Hummingbirds See Colors Over (Beyond) the Rainbow

Dr. James J. S. Johnson

The hearing ear, and the seeing eye, the LORD hath made even both of them.  [ Proverbs 20:12 ]

God has equipped hummingbirds with a range of color vision that exceeds that of humans, so it’s fair to say that hummingbirds see over—or beyond—the rainbow.

This “beyond-the-rainbow” vision helps birds to see food, predators, nectar-producing plants, potential mates, and 3D objects within their physical environment.
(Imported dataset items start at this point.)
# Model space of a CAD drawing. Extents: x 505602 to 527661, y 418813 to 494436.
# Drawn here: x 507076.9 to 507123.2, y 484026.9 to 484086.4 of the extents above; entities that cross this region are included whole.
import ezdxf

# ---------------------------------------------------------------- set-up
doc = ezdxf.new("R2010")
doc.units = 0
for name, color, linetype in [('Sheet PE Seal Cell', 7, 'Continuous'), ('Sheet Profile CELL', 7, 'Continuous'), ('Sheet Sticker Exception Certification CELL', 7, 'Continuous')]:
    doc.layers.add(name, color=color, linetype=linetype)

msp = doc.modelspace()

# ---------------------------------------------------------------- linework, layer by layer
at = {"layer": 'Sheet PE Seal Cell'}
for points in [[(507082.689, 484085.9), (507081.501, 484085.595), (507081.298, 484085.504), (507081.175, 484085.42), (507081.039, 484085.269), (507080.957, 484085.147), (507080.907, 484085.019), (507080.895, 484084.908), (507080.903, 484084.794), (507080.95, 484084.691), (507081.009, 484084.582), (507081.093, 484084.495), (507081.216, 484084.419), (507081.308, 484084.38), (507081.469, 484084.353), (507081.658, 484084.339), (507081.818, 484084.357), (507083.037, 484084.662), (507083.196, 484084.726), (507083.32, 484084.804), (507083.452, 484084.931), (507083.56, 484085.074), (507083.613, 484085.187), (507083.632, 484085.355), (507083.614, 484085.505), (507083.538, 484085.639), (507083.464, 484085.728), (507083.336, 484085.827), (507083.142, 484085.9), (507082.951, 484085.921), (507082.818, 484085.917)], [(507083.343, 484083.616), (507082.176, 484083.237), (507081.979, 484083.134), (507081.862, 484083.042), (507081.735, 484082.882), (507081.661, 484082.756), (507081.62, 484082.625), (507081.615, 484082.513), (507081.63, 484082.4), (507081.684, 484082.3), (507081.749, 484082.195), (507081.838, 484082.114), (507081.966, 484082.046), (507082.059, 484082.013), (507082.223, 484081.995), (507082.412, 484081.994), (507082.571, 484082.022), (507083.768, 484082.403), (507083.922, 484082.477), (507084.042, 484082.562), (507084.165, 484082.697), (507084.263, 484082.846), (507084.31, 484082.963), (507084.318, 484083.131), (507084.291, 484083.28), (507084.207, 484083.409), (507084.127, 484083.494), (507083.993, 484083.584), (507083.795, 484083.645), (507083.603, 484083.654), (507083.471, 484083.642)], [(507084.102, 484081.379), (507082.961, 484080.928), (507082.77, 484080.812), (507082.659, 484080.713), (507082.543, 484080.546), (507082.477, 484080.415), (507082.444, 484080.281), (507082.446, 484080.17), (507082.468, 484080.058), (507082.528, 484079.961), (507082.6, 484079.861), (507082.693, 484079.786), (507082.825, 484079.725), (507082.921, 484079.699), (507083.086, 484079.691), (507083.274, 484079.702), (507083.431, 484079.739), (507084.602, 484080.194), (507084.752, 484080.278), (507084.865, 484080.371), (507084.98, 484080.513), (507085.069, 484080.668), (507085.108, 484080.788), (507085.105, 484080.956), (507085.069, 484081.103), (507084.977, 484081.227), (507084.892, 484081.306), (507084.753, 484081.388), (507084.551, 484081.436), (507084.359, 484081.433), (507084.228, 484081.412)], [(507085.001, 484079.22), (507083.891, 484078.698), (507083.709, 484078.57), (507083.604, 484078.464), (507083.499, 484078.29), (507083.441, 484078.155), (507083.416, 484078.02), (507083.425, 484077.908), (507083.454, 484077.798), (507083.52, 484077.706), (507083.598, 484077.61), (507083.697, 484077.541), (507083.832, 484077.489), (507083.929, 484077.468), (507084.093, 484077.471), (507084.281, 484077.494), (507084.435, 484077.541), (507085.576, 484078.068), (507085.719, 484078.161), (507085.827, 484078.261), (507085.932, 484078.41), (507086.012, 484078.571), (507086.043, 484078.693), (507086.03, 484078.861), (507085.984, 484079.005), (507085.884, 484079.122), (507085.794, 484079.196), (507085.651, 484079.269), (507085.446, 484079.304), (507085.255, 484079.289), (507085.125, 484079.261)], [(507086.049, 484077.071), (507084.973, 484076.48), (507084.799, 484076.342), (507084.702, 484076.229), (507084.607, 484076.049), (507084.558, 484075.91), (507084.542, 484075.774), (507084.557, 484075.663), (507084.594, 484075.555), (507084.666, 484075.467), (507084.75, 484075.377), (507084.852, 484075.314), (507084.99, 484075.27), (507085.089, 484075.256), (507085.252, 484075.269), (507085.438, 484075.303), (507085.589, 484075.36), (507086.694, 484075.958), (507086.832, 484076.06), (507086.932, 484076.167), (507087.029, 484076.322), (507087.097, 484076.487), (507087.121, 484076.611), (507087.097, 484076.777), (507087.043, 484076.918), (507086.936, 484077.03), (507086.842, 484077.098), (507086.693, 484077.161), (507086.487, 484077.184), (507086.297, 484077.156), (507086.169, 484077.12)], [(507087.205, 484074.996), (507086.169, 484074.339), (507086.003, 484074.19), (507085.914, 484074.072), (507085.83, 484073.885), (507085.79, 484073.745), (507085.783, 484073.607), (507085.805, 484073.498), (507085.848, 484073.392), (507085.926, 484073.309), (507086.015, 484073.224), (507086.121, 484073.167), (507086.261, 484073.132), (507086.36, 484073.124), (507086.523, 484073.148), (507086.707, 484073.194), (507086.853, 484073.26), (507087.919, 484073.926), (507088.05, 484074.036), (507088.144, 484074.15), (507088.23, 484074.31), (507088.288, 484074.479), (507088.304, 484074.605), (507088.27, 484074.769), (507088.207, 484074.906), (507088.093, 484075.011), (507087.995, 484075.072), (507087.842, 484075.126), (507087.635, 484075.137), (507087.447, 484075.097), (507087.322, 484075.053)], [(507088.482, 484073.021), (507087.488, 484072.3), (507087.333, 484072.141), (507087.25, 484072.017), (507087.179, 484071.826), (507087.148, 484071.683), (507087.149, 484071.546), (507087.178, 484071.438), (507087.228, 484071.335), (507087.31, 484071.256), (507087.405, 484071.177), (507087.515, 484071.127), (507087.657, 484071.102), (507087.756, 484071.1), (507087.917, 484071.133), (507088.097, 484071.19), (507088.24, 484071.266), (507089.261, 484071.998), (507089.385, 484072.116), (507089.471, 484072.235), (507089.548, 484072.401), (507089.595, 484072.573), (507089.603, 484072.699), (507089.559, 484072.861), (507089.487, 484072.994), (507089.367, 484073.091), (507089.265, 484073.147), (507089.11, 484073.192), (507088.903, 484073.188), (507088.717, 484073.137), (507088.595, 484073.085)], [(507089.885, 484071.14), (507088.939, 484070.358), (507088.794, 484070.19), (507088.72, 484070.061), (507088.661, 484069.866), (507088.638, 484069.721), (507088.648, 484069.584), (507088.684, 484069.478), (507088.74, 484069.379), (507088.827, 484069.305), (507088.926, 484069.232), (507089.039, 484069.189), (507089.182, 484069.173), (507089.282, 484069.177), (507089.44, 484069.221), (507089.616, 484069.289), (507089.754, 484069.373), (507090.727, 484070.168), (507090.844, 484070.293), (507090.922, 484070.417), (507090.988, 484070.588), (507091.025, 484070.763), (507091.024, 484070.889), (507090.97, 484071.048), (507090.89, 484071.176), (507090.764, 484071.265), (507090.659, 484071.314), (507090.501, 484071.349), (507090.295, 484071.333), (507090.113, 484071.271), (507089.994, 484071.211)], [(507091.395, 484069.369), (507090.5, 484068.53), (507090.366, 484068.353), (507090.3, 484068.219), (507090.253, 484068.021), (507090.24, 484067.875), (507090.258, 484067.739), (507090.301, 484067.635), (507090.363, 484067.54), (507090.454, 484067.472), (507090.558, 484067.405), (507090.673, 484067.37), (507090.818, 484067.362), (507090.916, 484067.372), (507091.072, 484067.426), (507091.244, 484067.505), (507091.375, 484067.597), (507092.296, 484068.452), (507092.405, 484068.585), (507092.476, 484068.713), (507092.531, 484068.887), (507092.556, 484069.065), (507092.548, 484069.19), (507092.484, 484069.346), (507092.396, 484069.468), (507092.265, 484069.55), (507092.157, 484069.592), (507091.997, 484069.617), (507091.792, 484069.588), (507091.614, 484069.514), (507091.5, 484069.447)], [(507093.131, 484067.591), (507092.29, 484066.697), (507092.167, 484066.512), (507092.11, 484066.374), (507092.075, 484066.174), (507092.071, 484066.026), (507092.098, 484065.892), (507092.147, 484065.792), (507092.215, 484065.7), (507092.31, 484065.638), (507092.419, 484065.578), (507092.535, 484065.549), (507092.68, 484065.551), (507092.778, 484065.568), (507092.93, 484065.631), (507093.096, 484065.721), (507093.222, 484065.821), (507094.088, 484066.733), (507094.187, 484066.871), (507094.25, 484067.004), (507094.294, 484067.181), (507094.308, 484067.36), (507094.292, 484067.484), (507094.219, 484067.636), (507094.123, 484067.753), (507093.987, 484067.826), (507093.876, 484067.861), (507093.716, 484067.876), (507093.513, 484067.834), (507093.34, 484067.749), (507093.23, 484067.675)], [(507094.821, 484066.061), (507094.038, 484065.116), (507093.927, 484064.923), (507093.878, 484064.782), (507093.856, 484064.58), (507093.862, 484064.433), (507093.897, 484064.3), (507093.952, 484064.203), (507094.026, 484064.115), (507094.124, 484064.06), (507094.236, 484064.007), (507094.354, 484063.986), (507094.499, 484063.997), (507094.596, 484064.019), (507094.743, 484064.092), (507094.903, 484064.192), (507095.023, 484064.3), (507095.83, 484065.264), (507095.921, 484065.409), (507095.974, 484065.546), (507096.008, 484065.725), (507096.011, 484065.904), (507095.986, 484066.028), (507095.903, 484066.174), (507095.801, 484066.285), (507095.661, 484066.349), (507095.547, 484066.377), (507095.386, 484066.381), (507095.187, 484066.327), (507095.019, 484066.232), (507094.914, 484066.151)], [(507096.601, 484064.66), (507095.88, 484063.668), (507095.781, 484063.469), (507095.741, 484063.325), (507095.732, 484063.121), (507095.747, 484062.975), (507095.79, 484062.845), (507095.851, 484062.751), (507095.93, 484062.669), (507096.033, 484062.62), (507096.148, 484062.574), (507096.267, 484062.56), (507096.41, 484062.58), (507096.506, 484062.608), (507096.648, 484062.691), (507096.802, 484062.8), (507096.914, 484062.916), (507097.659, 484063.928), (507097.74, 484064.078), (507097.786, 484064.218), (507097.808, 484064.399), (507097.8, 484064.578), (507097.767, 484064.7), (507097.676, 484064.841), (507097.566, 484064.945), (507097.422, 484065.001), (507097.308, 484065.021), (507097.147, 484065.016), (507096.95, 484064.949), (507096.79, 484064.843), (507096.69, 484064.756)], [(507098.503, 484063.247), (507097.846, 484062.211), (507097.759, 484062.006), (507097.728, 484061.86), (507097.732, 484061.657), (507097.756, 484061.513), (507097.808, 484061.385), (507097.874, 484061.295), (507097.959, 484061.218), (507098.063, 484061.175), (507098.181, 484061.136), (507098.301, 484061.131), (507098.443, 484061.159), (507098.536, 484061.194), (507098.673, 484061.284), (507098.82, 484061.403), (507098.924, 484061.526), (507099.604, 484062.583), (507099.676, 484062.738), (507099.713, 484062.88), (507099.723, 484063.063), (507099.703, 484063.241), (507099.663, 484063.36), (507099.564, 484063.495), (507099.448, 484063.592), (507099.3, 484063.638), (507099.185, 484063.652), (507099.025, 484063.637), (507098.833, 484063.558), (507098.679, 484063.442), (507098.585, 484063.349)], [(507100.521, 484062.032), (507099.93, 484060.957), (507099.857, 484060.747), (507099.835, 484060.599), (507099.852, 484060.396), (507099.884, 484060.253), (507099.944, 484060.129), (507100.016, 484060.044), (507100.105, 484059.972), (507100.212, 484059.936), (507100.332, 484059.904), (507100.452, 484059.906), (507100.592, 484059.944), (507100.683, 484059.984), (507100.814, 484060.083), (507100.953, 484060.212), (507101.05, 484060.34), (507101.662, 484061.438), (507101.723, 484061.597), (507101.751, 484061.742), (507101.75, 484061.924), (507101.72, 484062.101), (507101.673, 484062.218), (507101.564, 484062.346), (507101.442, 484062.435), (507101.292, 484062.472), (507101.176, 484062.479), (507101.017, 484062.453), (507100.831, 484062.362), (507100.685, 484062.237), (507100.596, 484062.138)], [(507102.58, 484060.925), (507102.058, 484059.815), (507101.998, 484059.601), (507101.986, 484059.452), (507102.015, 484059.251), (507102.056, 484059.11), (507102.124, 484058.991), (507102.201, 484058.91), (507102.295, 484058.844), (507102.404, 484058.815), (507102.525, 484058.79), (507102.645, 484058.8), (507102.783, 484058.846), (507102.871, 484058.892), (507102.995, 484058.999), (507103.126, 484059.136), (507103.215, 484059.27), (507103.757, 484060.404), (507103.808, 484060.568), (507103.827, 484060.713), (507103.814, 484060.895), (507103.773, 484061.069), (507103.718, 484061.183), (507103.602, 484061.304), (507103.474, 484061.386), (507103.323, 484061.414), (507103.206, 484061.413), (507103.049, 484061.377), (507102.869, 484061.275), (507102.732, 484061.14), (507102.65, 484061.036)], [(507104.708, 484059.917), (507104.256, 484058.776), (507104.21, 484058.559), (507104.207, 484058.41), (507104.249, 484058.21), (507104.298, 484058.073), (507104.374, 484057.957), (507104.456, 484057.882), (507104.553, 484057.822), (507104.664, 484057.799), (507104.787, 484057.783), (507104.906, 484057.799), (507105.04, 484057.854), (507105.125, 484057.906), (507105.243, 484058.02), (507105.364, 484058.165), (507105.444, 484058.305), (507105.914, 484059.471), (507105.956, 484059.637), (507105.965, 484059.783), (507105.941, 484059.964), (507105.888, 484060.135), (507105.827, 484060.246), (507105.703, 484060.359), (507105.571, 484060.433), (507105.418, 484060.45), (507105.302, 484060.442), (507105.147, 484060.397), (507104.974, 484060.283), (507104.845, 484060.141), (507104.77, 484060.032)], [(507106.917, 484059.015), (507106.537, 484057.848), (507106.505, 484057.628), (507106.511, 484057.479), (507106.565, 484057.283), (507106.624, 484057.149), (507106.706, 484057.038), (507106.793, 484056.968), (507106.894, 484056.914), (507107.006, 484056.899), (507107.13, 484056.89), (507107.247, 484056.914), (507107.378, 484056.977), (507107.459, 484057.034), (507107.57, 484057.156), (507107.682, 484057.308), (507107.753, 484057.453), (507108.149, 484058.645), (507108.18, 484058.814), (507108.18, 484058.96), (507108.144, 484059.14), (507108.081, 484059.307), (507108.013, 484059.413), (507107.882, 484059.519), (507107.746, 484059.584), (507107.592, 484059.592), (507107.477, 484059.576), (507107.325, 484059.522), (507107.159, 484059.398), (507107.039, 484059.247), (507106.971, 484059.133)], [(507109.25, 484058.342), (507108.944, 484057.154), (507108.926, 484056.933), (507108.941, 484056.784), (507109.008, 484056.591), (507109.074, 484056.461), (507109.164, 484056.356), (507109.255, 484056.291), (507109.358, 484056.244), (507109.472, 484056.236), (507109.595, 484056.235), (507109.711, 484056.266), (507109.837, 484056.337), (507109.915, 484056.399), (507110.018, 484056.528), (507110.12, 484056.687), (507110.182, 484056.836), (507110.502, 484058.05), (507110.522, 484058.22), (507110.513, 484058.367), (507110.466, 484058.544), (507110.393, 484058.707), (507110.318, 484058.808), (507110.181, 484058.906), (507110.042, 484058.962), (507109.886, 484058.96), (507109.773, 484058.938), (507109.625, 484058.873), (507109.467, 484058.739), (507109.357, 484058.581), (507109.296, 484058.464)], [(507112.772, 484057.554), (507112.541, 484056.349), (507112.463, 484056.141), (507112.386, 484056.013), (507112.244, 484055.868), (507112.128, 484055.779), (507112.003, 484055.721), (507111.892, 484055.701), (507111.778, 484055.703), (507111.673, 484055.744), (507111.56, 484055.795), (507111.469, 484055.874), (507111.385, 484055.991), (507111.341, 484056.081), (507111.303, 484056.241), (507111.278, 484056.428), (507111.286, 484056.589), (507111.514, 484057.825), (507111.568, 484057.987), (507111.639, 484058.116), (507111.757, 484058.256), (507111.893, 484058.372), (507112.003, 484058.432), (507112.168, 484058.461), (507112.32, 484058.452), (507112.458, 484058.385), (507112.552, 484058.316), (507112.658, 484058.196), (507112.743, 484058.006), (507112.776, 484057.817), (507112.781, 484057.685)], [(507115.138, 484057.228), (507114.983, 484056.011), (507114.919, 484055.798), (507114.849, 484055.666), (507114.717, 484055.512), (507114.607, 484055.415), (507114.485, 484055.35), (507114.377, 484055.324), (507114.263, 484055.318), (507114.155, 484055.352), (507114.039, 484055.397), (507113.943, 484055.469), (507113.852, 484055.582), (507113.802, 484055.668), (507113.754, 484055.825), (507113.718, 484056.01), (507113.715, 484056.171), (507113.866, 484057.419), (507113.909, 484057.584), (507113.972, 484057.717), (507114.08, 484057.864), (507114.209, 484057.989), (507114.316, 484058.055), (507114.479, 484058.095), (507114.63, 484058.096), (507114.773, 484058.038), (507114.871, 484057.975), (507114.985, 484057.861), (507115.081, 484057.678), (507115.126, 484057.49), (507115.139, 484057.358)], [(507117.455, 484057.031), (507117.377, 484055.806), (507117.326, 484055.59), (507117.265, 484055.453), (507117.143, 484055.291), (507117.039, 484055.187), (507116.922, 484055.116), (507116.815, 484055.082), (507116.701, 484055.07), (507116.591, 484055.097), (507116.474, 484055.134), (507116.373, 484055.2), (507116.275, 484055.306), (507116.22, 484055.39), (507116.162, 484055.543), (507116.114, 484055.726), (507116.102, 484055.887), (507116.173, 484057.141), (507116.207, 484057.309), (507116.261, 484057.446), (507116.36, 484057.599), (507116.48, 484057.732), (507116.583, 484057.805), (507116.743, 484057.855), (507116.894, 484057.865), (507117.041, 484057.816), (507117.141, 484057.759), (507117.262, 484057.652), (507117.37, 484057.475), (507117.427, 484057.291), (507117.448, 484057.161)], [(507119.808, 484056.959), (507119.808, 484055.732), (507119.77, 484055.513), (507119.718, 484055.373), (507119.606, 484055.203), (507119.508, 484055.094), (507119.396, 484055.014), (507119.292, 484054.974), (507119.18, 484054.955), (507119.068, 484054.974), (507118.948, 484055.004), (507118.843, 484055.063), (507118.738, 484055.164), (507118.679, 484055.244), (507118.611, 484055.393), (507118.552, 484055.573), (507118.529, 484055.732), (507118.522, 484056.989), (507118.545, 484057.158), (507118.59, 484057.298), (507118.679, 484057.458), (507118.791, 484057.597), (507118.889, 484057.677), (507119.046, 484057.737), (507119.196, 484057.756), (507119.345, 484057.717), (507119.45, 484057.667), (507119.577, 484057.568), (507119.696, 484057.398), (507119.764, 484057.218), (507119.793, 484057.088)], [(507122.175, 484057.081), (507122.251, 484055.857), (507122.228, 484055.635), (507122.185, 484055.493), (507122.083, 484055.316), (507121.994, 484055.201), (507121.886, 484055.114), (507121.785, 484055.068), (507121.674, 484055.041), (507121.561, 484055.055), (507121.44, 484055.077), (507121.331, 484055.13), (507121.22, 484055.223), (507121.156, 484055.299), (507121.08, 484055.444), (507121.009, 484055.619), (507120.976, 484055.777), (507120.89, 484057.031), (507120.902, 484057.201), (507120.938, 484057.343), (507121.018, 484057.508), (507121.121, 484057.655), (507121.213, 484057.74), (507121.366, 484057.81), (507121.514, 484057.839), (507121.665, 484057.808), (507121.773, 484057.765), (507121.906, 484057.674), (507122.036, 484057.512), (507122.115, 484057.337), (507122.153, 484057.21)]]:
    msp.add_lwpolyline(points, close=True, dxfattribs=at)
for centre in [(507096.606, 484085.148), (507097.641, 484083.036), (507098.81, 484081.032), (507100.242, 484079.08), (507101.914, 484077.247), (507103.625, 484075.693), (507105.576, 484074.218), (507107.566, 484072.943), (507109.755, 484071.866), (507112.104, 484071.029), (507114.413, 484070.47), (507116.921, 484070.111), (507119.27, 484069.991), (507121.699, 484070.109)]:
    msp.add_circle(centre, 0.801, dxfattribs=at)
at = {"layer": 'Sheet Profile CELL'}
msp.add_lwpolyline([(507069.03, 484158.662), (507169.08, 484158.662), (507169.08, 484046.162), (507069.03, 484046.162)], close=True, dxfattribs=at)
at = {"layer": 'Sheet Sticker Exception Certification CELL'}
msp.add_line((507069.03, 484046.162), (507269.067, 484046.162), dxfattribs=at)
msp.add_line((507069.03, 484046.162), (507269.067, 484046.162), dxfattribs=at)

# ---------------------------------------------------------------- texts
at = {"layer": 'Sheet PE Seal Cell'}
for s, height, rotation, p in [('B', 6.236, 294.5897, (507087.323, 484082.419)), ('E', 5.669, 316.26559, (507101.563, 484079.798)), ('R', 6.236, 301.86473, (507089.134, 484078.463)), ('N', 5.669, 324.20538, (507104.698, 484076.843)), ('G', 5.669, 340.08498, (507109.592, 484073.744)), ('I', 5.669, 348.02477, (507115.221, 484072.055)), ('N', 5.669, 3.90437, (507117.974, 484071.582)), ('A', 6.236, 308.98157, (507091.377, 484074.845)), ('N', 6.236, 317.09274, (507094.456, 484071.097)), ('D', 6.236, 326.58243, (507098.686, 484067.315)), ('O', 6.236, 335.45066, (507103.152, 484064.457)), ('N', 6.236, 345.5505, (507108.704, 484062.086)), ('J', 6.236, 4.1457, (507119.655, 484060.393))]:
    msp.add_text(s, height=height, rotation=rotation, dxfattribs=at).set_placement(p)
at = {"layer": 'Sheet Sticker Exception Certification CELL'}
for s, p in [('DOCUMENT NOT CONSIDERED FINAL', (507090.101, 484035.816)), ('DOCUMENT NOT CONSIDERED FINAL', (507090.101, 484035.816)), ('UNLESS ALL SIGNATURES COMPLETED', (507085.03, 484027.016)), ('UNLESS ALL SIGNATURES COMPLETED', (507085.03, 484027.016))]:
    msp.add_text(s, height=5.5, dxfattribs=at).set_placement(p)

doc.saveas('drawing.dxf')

Recent research corroborates this amazing fact.(1),(2)

Humans have three types of color-sensitive cones in their eyes—attuned to red, green and blue light—but birds have a fourth type, sensitive to ultraviolet light. “Not only does having a fourth color cone type extend the range of bird-visible colors into the UV, it potentially allows birds to perceive combination colors like ultraviolet+green and ultraviolet+red—but this has been hard to test,” said [Dr. Mary Caswell] Stoddard. …  Stoddard and her colleagues designed a series of experiments to test whether hummingbirds can see these nonspectral colors. Their results appear June 15 [2020] in the Proceedings of the National Academy of Sciences.(1)

[ see Princeton University citation below ]

Nonspectral colors are perceived when nonadjacent cone types (sensitive to widely separated parts of the light spectrum) are predominantly stimulated. For humans, purple (stimulation of blue- and red-sensitive cones) is a nonspectral color; birds’ fourth color cone type creates many more possibilities.(2)

[ see Stoddard , Eyster, et al. citation below ]

For years, literally, Dr. Stoddard and her team tested and quantified how wild hummingbirds see colors beyond the spectrum of white light that humans see.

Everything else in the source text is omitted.